The mutation accumulation (MA) data in chapter 3 shows that the mtDNA-lacking strain exhibits an elevated rate of spontaneous substitution mutation with a mutation pattern consistent with increased oxidative damage. The strain containing foreign mtDNA shows significant slower growth on solid media, which could be due to mito-nuclear discordance, but there is no significant elevation in spontaneous substitution mutation. The mito-nuclear discordance between S. paradoxus mtDNA and S. cerevisiae nuclear DNA have a negative impact on colony growth, but do not significantly alter nuDNA or mtDNA mutation.

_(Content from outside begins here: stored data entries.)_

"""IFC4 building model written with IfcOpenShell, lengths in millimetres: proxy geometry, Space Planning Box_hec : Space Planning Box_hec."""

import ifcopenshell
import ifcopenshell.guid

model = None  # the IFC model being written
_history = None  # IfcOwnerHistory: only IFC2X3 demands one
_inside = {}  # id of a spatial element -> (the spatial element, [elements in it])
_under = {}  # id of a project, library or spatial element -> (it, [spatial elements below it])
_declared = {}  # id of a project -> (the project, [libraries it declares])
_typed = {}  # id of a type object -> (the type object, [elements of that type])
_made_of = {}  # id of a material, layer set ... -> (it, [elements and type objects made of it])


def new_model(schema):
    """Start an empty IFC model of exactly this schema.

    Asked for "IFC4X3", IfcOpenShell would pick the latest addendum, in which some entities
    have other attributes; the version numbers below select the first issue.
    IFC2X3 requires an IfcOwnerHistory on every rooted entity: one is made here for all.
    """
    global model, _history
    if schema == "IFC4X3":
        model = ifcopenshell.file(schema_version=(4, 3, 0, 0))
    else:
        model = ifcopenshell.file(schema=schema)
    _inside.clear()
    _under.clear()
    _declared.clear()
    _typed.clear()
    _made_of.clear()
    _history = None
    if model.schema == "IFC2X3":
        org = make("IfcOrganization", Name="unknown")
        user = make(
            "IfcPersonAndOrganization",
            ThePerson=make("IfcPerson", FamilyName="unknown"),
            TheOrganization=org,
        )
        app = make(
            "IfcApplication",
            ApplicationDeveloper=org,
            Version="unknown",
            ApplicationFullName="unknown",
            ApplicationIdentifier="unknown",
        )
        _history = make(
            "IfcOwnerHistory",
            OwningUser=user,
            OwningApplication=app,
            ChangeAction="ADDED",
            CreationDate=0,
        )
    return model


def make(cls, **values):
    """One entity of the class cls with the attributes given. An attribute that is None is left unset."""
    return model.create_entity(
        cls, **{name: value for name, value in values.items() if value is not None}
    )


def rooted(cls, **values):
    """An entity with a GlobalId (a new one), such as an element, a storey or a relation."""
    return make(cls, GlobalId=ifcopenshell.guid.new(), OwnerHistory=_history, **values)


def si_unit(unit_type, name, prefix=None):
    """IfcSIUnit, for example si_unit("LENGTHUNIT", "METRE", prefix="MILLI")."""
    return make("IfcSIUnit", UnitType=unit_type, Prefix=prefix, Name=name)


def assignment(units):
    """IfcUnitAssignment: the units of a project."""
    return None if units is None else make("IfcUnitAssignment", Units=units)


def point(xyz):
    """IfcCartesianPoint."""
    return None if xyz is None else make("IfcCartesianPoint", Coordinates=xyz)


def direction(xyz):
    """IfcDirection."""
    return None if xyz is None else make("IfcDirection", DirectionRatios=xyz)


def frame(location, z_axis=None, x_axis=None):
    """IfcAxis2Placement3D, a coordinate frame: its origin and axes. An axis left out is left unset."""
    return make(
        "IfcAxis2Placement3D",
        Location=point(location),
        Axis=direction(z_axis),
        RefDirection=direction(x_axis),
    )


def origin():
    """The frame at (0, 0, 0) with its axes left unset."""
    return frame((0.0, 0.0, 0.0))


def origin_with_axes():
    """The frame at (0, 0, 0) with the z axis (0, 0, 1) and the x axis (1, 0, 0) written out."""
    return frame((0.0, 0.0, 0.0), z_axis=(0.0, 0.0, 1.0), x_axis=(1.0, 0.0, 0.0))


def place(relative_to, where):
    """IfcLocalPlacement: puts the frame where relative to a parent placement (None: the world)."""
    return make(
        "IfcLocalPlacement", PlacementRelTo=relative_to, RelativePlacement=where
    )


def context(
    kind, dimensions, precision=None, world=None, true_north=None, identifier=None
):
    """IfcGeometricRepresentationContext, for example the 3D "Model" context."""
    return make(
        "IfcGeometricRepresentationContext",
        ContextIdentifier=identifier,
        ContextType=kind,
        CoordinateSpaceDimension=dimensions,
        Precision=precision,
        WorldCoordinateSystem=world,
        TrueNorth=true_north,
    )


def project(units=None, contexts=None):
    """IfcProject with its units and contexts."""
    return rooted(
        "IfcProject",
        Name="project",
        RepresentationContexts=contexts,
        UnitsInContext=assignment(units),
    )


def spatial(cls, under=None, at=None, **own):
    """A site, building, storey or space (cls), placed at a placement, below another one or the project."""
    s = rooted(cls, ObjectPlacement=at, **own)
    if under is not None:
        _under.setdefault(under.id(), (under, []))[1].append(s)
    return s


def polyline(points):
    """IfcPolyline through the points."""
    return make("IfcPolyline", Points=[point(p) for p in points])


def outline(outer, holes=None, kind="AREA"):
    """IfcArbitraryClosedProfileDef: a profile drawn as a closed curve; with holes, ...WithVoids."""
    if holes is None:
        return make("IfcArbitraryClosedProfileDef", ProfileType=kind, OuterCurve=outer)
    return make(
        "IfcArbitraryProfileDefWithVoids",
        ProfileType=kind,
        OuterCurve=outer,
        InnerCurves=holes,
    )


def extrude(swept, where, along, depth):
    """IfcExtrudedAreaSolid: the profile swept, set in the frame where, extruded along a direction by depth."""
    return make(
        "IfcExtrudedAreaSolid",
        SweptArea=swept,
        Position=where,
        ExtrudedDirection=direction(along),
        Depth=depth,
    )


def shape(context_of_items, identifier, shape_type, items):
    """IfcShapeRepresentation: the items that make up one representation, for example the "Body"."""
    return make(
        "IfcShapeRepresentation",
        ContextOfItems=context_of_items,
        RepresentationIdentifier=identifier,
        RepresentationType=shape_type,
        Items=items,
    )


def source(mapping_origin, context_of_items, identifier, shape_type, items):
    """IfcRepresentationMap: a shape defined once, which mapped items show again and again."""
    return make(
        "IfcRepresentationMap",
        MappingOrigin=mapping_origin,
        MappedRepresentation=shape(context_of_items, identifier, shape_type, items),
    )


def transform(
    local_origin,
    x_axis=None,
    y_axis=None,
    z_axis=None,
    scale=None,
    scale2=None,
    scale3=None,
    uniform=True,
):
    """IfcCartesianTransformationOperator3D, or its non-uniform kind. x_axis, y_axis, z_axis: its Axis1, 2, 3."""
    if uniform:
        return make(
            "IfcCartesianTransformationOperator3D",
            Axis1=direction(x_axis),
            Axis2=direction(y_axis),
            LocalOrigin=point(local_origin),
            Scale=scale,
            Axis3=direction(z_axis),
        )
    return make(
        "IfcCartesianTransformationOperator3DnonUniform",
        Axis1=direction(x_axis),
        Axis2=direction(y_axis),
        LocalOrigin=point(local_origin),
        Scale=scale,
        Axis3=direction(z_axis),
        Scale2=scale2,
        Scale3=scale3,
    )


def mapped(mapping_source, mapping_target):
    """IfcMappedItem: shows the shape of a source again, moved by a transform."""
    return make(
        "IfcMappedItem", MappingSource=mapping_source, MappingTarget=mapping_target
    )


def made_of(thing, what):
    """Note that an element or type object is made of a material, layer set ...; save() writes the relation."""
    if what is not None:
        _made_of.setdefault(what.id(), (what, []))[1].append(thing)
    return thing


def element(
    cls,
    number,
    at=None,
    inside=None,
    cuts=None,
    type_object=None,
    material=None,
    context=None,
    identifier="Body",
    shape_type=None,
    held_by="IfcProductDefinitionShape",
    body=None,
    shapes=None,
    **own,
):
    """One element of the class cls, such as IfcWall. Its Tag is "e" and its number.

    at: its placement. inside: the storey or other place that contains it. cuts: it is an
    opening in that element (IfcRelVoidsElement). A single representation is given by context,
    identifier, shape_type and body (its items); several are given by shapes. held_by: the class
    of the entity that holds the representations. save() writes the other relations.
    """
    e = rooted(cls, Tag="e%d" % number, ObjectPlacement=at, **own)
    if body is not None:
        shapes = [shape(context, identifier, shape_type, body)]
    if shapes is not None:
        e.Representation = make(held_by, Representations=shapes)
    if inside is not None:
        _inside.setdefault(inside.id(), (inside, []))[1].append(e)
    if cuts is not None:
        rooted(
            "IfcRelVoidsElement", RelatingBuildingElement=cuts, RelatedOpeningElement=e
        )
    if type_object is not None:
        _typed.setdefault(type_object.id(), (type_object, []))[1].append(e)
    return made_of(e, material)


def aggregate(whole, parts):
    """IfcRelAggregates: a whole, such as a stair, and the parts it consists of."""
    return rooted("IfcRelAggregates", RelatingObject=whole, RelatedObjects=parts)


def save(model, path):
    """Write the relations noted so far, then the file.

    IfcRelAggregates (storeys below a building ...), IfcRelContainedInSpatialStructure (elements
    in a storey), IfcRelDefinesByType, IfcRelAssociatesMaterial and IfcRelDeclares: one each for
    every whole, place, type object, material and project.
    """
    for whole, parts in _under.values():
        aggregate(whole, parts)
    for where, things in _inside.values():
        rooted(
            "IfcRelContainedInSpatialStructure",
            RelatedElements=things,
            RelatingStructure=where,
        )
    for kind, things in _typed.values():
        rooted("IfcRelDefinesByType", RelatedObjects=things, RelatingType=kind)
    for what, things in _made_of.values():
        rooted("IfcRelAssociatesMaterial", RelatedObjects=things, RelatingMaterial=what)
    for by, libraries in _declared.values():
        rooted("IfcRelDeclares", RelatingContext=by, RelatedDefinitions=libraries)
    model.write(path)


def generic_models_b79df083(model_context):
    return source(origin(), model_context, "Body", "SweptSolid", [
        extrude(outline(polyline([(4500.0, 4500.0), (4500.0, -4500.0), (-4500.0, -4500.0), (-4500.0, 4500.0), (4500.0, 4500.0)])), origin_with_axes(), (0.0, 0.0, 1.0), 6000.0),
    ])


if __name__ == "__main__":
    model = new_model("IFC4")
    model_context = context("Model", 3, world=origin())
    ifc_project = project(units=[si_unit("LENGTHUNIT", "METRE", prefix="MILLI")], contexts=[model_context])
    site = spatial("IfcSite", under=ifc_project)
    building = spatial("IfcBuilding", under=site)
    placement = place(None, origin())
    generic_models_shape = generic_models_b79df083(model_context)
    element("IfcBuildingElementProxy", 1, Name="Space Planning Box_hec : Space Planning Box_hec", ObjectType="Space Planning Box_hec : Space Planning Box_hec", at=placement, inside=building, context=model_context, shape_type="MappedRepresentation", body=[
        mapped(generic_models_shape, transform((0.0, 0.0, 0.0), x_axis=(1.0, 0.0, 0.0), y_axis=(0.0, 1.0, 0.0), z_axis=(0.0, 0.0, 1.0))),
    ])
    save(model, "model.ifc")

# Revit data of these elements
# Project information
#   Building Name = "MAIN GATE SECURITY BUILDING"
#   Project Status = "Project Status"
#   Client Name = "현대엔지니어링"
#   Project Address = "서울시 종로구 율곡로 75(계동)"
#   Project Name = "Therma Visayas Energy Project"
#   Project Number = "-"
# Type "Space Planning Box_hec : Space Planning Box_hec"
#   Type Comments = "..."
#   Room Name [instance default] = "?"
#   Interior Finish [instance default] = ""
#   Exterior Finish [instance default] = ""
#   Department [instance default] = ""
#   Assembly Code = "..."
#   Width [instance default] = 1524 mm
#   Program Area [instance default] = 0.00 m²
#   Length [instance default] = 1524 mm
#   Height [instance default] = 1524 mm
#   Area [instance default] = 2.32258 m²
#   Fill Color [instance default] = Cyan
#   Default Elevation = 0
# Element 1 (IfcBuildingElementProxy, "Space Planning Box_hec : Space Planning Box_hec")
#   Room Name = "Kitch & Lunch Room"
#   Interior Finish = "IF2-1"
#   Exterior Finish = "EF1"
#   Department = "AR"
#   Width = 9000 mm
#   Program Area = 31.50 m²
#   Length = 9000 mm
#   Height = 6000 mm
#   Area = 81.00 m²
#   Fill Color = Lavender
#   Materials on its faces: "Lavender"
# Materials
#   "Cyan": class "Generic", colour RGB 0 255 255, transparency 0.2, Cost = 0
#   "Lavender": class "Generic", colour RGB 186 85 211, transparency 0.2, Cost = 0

Chapter 4 demonstrated that there is substantial variation in mutation rates and mutation spectra among four heterozygous diploid yeast species in the Saccharomycodaceae family. High rates of spontaneous mutation in fast-growing species are likely due to increased oxidative damage during fast-growth. Elevated substitution rates are evident at CpG sites in all four species but their mutation spectra are inconsistent with being caused by cytosine methylation. There is also rapid loss of heterozygosity (LOH) via gene conversion. The four yeast species have different spectra of gene conversion to counteract mutation biases. Balance between gene conversion bias and mutation bias in each species ultimately determines the variable genome-wide base composition in yeast species.